Why the new EU roaming regulations are not good news for all consumers (or operators)

Kimi better be careful with the Instagram videos while he's on his holiday in Ibiza.

The EC has published the text of its proposals to support Roam Like Home within the EU.

Within its many clauses are some looking at how operators will be allowed to ask you for proof of residence (utility bills, signed statements from educational insitutions, proof of registration on electoral rolls) and how they will then be able to determine if you are telling the truth (they can only use their own billing data – not hire a PI, for example). Nor are they allowed to keep asking you for proof of residency, unless they have very good reason (from their own billing data) to suspect you are not where you say you are.

Also in the document are details of how operators can  implement fair use policies to prevent “abuses” – and protect themselves when they outbound roaming customers have home data tariffs that are cheaper than the amount operators will have to pay on the wholesale market. But although operators may be protected, consumers are less so.

Let’s take the text as given:

The domestic customer periodically travelling in the Union should nevertheless be able to consume retail volumes of such services equivalent to twice the volumes that can be bought at the wholesale roaming data cap by a monetary amount equal to the overall retail domestic price, excluding VAT, of the mobile services component of the domestic tariff plan for the entire billing period in question.
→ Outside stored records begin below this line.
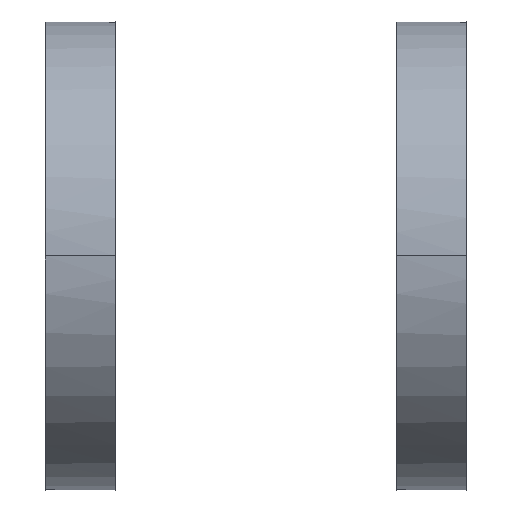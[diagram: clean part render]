
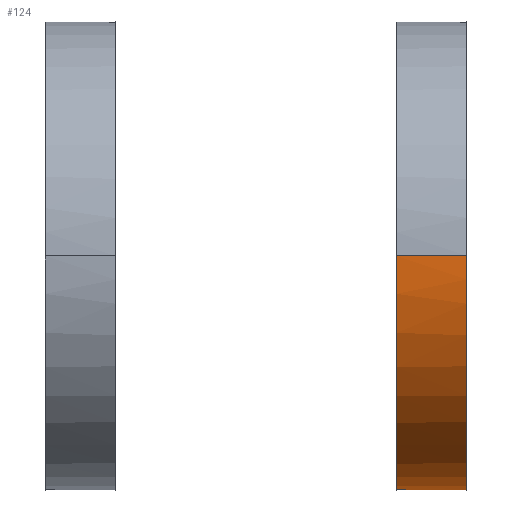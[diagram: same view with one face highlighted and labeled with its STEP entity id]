
A CAD part, front view. The second image highlights one B-rep face of the part: STEP entity #124.
In plain terms, the highlighted free-form (B-spline) face has degree [1, 2] with [2, 9] control points.
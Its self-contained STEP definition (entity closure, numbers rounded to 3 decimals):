
#27=B_SPLINE_CURVE_WITH_KNOTS('',1,(#413,#414),.UNSPECIFIED.,.F.,.F.,(2,
2),(0.,1.),.UNSPECIFIED.);
#28=B_SPLINE_CURVE_WITH_KNOTS('',1,(#415,#416),.UNSPECIFIED.,.F.,.F.,(2,
2),(0.,1.),.UNSPECIFIED.);
#29=B_SPLINE_CURVE_WITH_KNOTS('',1,(#422,#423),.UNSPECIFIED.,.F.,.F.,(2,
2),(1.,4.142),.UNSPECIFIED.);
#30=B_SPLINE_CURVE_WITH_KNOTS('',1,(#424,#425),.UNSPECIFIED.,.F.,.F.,(2,
2),(4.142,5.142),.UNSPECIFIED.);
#31=B_SPLINE_CURVE_WITH_KNOTS('',1,(#426,#427),.UNSPECIFIED.,.F.,.F.,(2,
2),(4.142,5.142),.UNSPECIFIED.);
#32=B_SPLINE_CURVE_WITH_KNOTS('',1,(#433,#434),.UNSPECIFIED.,.F.,.F.,(2,
2),(5.142,8.283),.UNSPECIFIED.);
#51=(
BOUNDED_SURFACE()
B_SPLINE_SURFACE(1,2,((#391,#392,#393,#394,#395,#396,#397,#398,#399),(#400,
#401,#402,#403,#404,#405,#406,#407,#408)),.UNSPECIFIED.,.F.,.F.,.F.)
B_SPLINE_SURFACE_WITH_KNOTS((2,2),(3,2,2,2,3),(0.,1.),(0.,1.571,
3.142,4.712,6.283),.UNSPECIFIED.)
GEOMETRIC_REPRESENTATION_ITEM()
RATIONAL_B_SPLINE_SURFACE(((1.,0.707,1.,0.707,1.,
0.707,1.,0.707,1.),(1.,0.707,1.,0.707,
1.,0.707,1.,0.707,1.)))
REPRESENTATION_ITEM('')
SURFACE()
);
#124=ADVANCED_FACE('',(#132),#51,.T.);
#132=FACE_OUTER_BOUND('',#139,.T.);
#139=EDGE_LOOP('',(#147,#148,#149,#150));
#147=ORIENTED_EDGE('',*,*,#227,.T.);
#148=ORIENTED_EDGE('',*,*,#228,.T.);
#149=ORIENTED_EDGE('',*,*,#229,.T.);
#150=ORIENTED_EDGE('',*,*,#230,.T.);
#167=PCURVE('',#51,#187);
#168=PCURVE('',#51,#188);
#169=PCURVE('',#51,#189);
#170=PCURVE('',#51,#190);
#187=DEFINITIONAL_REPRESENTATION('',(#28),#611);
#188=DEFINITIONAL_REPRESENTATION('',(#29),#611);
#189=DEFINITIONAL_REPRESENTATION('',(#31),#611);
#190=DEFINITIONAL_REPRESENTATION('',(#32),#611);
#207=SURFACE_CURVE('',#27,(#167),.PCURVE_S1.);
#208=SURFACE_CURVE('',#249,(#168),.PCURVE_S1.);
#209=SURFACE_CURVE('',#30,(#169),.PCURVE_S1.);
#210=SURFACE_CURVE('',#250,(#170),.PCURVE_S1.);
#227=EDGE_CURVE('',#263,#264,#207,.T.);
#228=EDGE_CURVE('',#264,#265,#208,.T.);
#229=EDGE_CURVE('',#265,#266,#209,.T.);
#230=EDGE_CURVE('',#266,#263,#210,.T.);
#249=(
BOUNDED_CURVE()
B_SPLINE_CURVE(2,(#417,#418,#419,#420,#421),.UNSPECIFIED.,.F.,.F.)
B_SPLINE_CURVE_WITH_KNOTS((3,2,3),(1.,2.571,4.142),
 .UNSPECIFIED.)
CURVE()
GEOMETRIC_REPRESENTATION_ITEM()
RATIONAL_B_SPLINE_CURVE((1.,0.707,1.,0.707,1.))
REPRESENTATION_ITEM('')
);
#250=(
BOUNDED_CURVE()
B_SPLINE_CURVE(2,(#428,#429,#430,#431,#432),.UNSPECIFIED.,.F.,.F.)
B_SPLINE_CURVE_WITH_KNOTS((3,2,3),(5.142,6.712,8.283),
 .UNSPECIFIED.)
CURVE()
GEOMETRIC_REPRESENTATION_ITEM()
RATIONAL_B_SPLINE_CURVE((1.,0.707,1.,0.707,1.))
REPRESENTATION_ITEM('')
);
#263=VERTEX_POINT('',#409);
#264=VERTEX_POINT('',#410);
#265=VERTEX_POINT('',#411);
#266=VERTEX_POINT('',#412);
#391=CARTESIAN_POINT('',(0.,5.,0.));
#392=CARTESIAN_POINT('',(0.,5.,5.));
#393=CARTESIAN_POINT('',(0.,0.,5.));
#394=CARTESIAN_POINT('',(0.,-5.,5.));
#395=CARTESIAN_POINT('',(0.,-5.,0.));
#396=CARTESIAN_POINT('',(0.,-5.,-5.));
#397=CARTESIAN_POINT('',(0.,0.,-5.));
#398=CARTESIAN_POINT('',(0.,5.,-5.));
#399=CARTESIAN_POINT('',(0.,5.,0.));
#400=CARTESIAN_POINT('',(-1.5,5.,0.));
#401=CARTESIAN_POINT('',(-1.5,5.,5.));
#402=CARTESIAN_POINT('',(-1.5,0.,5.));
#403=CARTESIAN_POINT('',(-1.5,-5.,5.));
#404=CARTESIAN_POINT('',(-1.5,-5.,0.));
#405=CARTESIAN_POINT('',(-1.5,-5.,-5.));
#406=CARTESIAN_POINT('',(-1.5,0.,-5.));
#407=CARTESIAN_POINT('',(-1.5,5.,-5.));
#408=CARTESIAN_POINT('',(-1.5,5.,0.));
#409=CARTESIAN_POINT('',(-1.5,5.,0.));
#410=CARTESIAN_POINT('',(0.,5.,0.));
#411=CARTESIAN_POINT('',(0.,-5.,0.));
#412=CARTESIAN_POINT('',(-1.5,-5.,0.));
#413=CARTESIAN_POINT('',(-1.5,5.,0.));
#414=CARTESIAN_POINT('',(0.,5.,0.));
#415=CARTESIAN_POINT('',(1.,6.283));
#416=CARTESIAN_POINT('',(0.,6.283));
#417=CARTESIAN_POINT('',(0.,5.,0.));
#418=CARTESIAN_POINT('',(0.,5.,-5.));
#419=CARTESIAN_POINT('',(0.,0.,-5.));
#420=CARTESIAN_POINT('',(0.,-5.,-5.));
#421=CARTESIAN_POINT('',(0.,-5.,0.));
#422=CARTESIAN_POINT('',(0.,6.283));
#423=CARTESIAN_POINT('',(0.,3.142));
#424=CARTESIAN_POINT('',(0.,-5.,0.));
#425=CARTESIAN_POINT('',(-1.5,-5.,0.));
#426=CARTESIAN_POINT('',(0.,3.142));
#427=CARTESIAN_POINT('',(1.,3.142));
#428=CARTESIAN_POINT('',(-1.5,-5.,0.));
#429=CARTESIAN_POINT('',(-1.5,-5.,-5.));
#430=CARTESIAN_POINT('',(-1.5,0.,-5.));
#431=CARTESIAN_POINT('',(-1.5,5.,-5.));
#432=CARTESIAN_POINT('',(-1.5,5.,0.));
#433=CARTESIAN_POINT('',(1.,3.142));
#434=CARTESIAN_POINT('',(1.,6.283));
#611=(
GEOMETRIC_REPRESENTATION_CONTEXT(2)
PARAMETRIC_REPRESENTATION_CONTEXT()
REPRESENTATION_CONTEXT('pspace','')
);

What this is saying is that if you are roaming and want to use data without incurring a premium, you will be able to use twice the amount of data that your domestic contract could buy if you paid the maximum wholesale roaming rate.

Still not clear? Let’s say that you are lucky enough to have a data plan that is unlimited or near to it. You’re more than likely to be Finnish or live in Finland. For example – Tefficient said earlier this year that “46% of Finnish SIMs are what the Finnish NRA calls ‘pay monthly subscribers with unlimited data’One such planDNA SuperÄlypaketti 4G 200 tarrif offers unlimited data with speeds of 5-50Mbps) for EUR24.50.

So Kimi takes his unlimited data plan with him on holiday to Spain. He is effectively allowed to use twice the data that that 24.50 would buy him on the wholesale market – minus the value attributed to the 200 free calls and 200 free texts that also come in the plan. That’s because it is only the data services element of his bundle that counts towards his nominal wholesale purchasing power.

So, let’s completely unscientifically say that DNA considers his data services to be worth EUR20 per month of his overall bundle. How much data will EUR20 get him? Well, let’s take the existing EC proposal of a wholesale data cap of 0.85 cent/ MB. Every 85c buys Kimi a MB of data. So EUR20 buys him 2.4Gb of data. Double that and he is allowed 4.8GB.*

Tefficient says that an average SIM in Finland uses 4.3 GB per month, but Tefficient says that DNA customers use on average 5.9 GB per month. So is our Kimi roaming like home in this Digial Single Market? Well if Kimi is an average DNA user, he will actually have to reign in his data usage while abroad. Even if you said that the entirety of his EUR24.50 tariff relates to data services, Kimi still better be careful when roaming. And this is only the case if he’s an average Finnish user… if he’s normally a much heavier user than the average, then he’s definitely going to be paying more, or will be limiting his usage.

Of course, Kimi’s not doing the maths –  it’s DNA that has to work out how much data he is entitled to, keep a running tally and then warn him when he is getting near. Even more galling for DNA, unless the wholesale cap price is lowered, it is still paying out more in wholesale costs than it is charging its retail customers. Anna Anttinen of DNA’s Governmental Affairs department pointed out on Twitter that “if the wholesale cap gets regulated 10x higher vs retail, money transfer from North could be hundreds of millions of Euros”.

By the way, in its illustration of this fair use case, the EC uses the example of a Netherlands customer who has unlimited data for EUR70 per month – netting him 16GB of data use whilst roaming. Using such a high tariff makes it look much more generous in terms of data usage limits  – but our example is a real world tariff. Finland, by the way, voted against the roaming fair use proposals in CoCom – the committee that sat down this week to thrash out final implemention details.

*No doubt someone will point out the maths is all wrong here, so please do so if that is the case.